Como se sabe, por mandato de ley el presidente debe presentar al inicio del sexenio un documento que contenga las líneas generales que su gobierno se propone seguir en materia de desarrollo. Se trata de una obligación que nunca tuvo gran sentido por al menos dos razones. La primera fue que el sistema autoritario simplemente no permitía que alguien pudiera llamar a cuentas al todopoderoso presidente si éste decidía ignorar o contradecir el documento que él mismo había elaborado según sus fobias y preferencias. La segunda es que la idea de un plan global se introdujo en la constitución como un instrumento más para dar fuerza a otro precepto constitucional de mayor envergadura. El artículo 25 dice terminante: “corresponde al Estado la rectoría del desarrollo nacional”. Sin embargo, el Estado mexicano en la época del neoliberalismo simplemente no tiene capacidad ni voluntad para ejercer esa rectoría; la realidad nos lo dice todos los días. Por ejemplo, disminuye el ritmo de crecimiento de la economía norteamericana y de inmediato se anuncia que el PIB mexicano no crecerá al 7% prometido por la nueva dirigencia sino a un magro 2% o menos. Un enorme banco norteamericano asociado a acciones ilegales en América Latina –Citicorp-- anuncia que se propone adquirir el control del que fuera el banco más grande de México –Banamex-- y el presidente aplaude con entusiasmo; si alguna vez el gobierno tiene que enfrentarse a la banca, simplemente le será imposible. Los exportadores de León le piden al presidente disminuir la sobrevaluación del peso y el gobierno se declara impotente. En suma ¿cuál rectoría? ¿qué planificación es posible con un Estado débil y cuando en el ámbito internacional la idea misma de la planificación ha caído en el descrédito para ser sustituida por otra mucho más vieja y según la cual la asignación más eficiente de los recursos la hacen las fuerzas del mercado, el orden espontáneo.
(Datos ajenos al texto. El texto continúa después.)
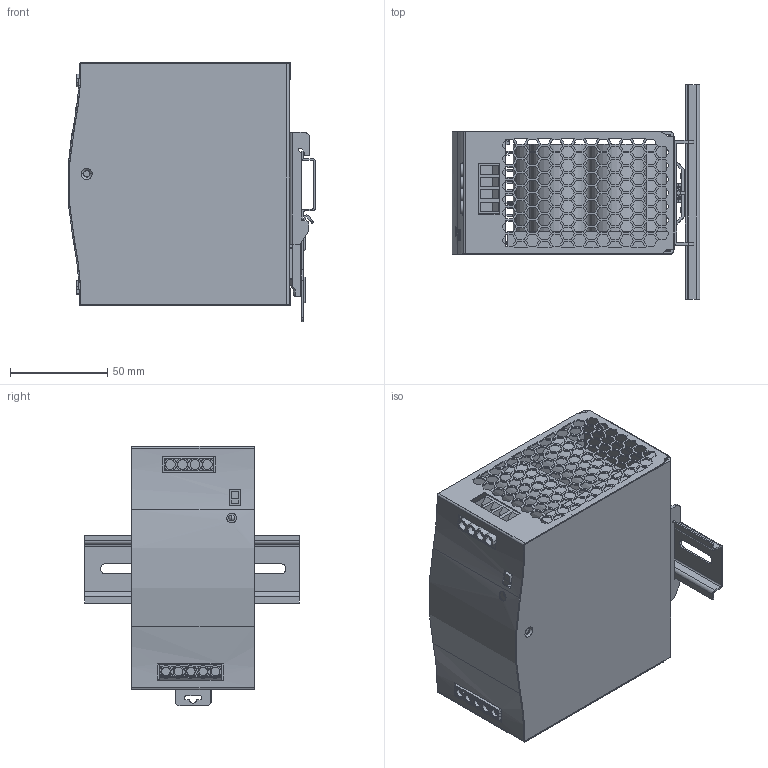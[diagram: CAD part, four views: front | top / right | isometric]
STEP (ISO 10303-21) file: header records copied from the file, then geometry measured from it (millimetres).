
FILE_DESCRIPTION(('Creo Elements/Direct Modeling STEP Export'),'2;1');
FILE_NAME('DBUF20,40.stp','2020-03-09T11:55:15',(''),(''),'PTC Creo Elements/Direct Modeling STEP processor for AP214 (Solid Model)','PTC Creo Elements/Direct Modeling 19.0E 27-Jun-2016 (C) Parametric Technology GmbH','');
FILE_SCHEMA(('AUTOMOTIVE_DESIGN { 1 0 10303 214 1 1 1 1 }'));
Length unit declared in the file: millimetre
Products named in the file (28): A; F2; F3; TS; LED; C1; PCB-A; B; F1; TB1; TB2; HS1; L型PIN.1; HS; TB1.1; CY3; c; PCB-B; 1HH2979G; 装配1; T; D; CASE; ddd; p1; p3.2; ñóÙy; 1GG2DRP14A
Assembly tree (34 placements, depth 4):
  装配1
    1HH2979G
    HS
      L型PIN.1
      HS1
    PCB-B
      c
      CY3
      TB1.1
      HS  x2
        L型PIN.1
        HS1
      TB2
      TB1
      F1
      B
    PCB-A
      C1  x8
      LED
      TS
        F3
        F2
      A
  CASE
    D
    T
  1GG2DRP14A
    ñóÙy
    p3.2
    p1
    ddd
Bounding box: 127.41 x 110.38 x 133.41 mm (x, y, z)
Volume: 419570.1 mm3; surface area: 274762.5 mm2
Topology: 32 solids, 32 shells, 2653 faces, 7445 edges, 4926 vertices
Faces by surface type: plane 2165, cylinder 406, torus 44, cone 36, bspline 2
Entity records: 200228 total; most frequent: CARTESIAN_POINT 132305, ORIENTED_EDGE 14386, DIRECTION 12691, EDGE_CURVE 7193, VECTOR 6249, LINE 6249, VERTEX_POINT 4760, AXIS2_PLACEMENT_3D 3221
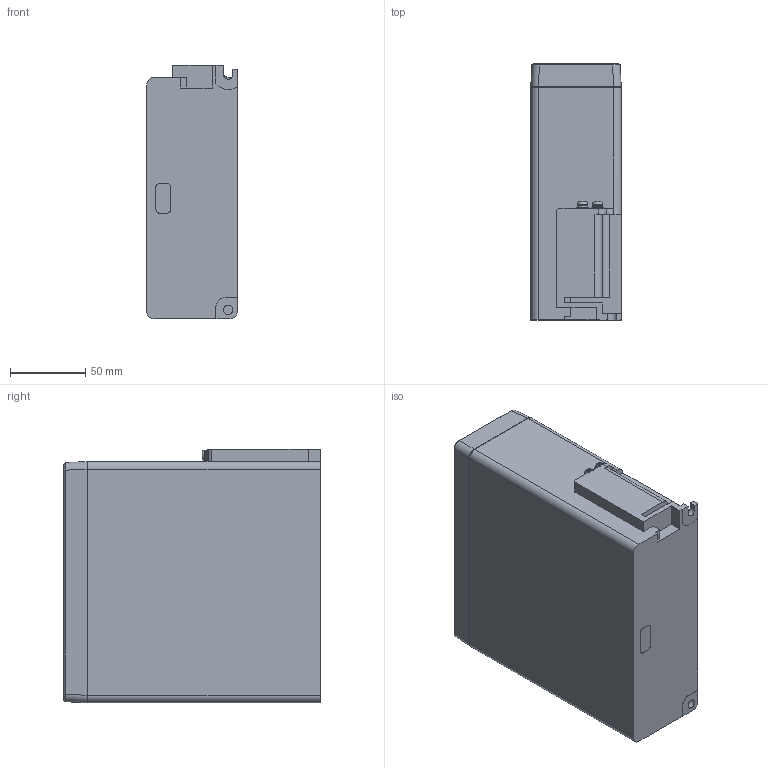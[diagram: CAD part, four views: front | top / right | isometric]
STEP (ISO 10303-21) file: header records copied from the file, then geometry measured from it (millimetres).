
FILE_DESCRIPTION((''),'2;1');
FILE_NAME('C:\Documents and Settings\11254\桌面\新資料夾\SDH-010-050A2_3D.stp','2014-08-18T20:04:13',('11254'),(''),'Autodesk Inventor 2008','Autodesk Inventor 2008','');
FILE_SCHEMA(('AUTOMOTIVE_DESIGN { 1 0 10303 214 1 1 1 1 }'));
Length unit declared in the file: millimetre
Products named in the file (1): 零件3
Bounding box: 60 x 170.3 x 168.2 mm (x, y, z)
Volume: 1508667.2 mm3; surface area: 115912.2 mm2
Topology: 1 solids, 1 shells, 2108 faces, 5891 edges, 3930 vertices
Faces by surface type: plane 1338, bspline 582, cylinder 179, cone 5, torus 4
Full cylindrical faces by diameter (mm): 4 x2, 4.2 x2, 5.5 x2, 6 x6, 6.1 x1, 6.2 x1, 6.8 x4, 8 x2, 8.1 x1
Entity records: 74616 total; most frequent: CARTESIAN_POINT 22179, ORIENTED_EDGE 11676, DIRECTION 8159, EDGE_CURVE 5838, VECTOR 4151, LINE 4151, VERTEX_POINT 3915, EDGE_LOOP 2327

No obstante la mala fama de la planificación, un equipo político con buen olfato hubiera podido hacer de una necesidad –presentar un PND más-- una gran virtud. Con visión y sentido históricos, el presidente Fox podría haber usado la coyuntura para dejar una marca, un punto de referencia ideológico e incluso filosófico, que explicara tanto las causas sustantivas de la caída del viejo régimen –el antidemocrático-- como la forma concreta como se propone anclar el gran proyecto democrático para el siglo XXI.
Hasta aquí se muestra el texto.